Como vários países da América Latina se encontravam na mesma situação entre


os períodos de 1970 e 1980, regidos por Ditaduras Militares a solidariedade como
“framework” teve um papel essencial na ligação entre a advocacia internacional e as
ONGs na região. Os grupos começaram a tentar englobar tanto os direitos humanos
como a solidariedade para uma maior ligação entre os indivíduos além das fronteiras,
dando um significado para a luta dentro dos direitos humanos.

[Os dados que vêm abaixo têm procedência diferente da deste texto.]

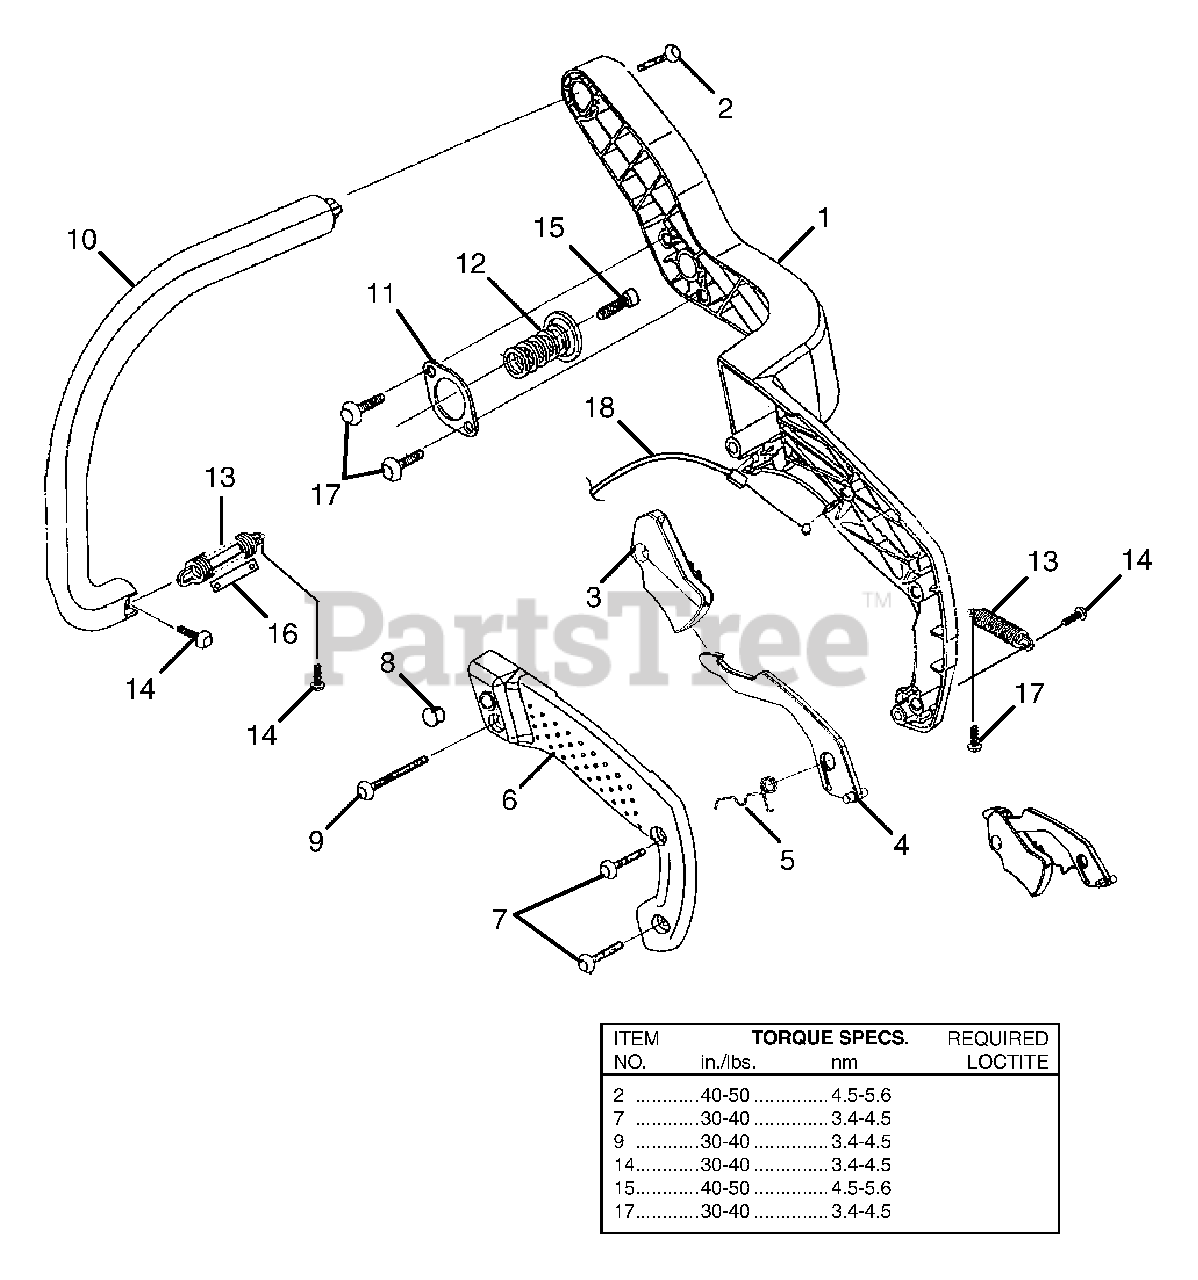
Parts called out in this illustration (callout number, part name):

Em 1959 foi estabelecido a Comissão Interamericana de Direitos Humanos da


Organização dos Estados Americanos que entrou em efetivação apenas em 1979 pelas
necessidades que se alarmavam no continente. Assim, ela começou a ter um papel
concreto na reportagem dos direitos humanos, mas foi apenas em 1991 com os países já
todos democratizados que houve a “Declaração de Santiago” em que se chegou a um
consenso do comprometimento de seus membros na proteção dos direitos humanos e
na representação da democracia.

Apenas através das OIs, principalmente pelas ONGs que os governos começam
a se voltar aos Direitos Humanos em vista da pressão causada por elas e pelas redes
transnacionais que estas foram e são capazes de construir. Todavia, esta ligação para se
tornar estável irá depender dos governantes presentes no aparato estatal e do contexto
ao redor da política interna e externa do país no momento em que ocorrem as
violações.

É interessante ressaltar a decisão arriscada dos ativistas brasileiros em fazer a


denúncia de tortura coincidir com a visita do presidente Carter, em março de 1978,
especialmente para entender melhor a gradual descaracterização do movimento, pois
"local actors knew that the success of their denunciations depended on keeping radical claims for
social change separated from their human rights activism" 1 (Moyn, p.173), ou seja, o sucesso
de sua ação dependia de seu caráter despolitizado, evidenciando que a questão deixa
de ser política e passa a ser social (Greco, p.390-393), não mais antirregime, mas
pautada no direito à verdade e à memória, enquanto essenciais à cidadania.

Referências:

Sikkink, não lembro o nome do livro.

GRECO, Heloisa Amelia. Dimensões fundacionais da luta pela anistia. Tese


apresentada ao curso Pós Graduação das faculdades de Filosofia e Ciências Humanas
da Universidade Federal de Minas Gerais referente ao Doutorado em História. 2003.
Belo Horizonte.

MOYN, Samuel. The last utopia: human rights in history. The Belknap Press of
Harvard University Press: Cambridge, 2010.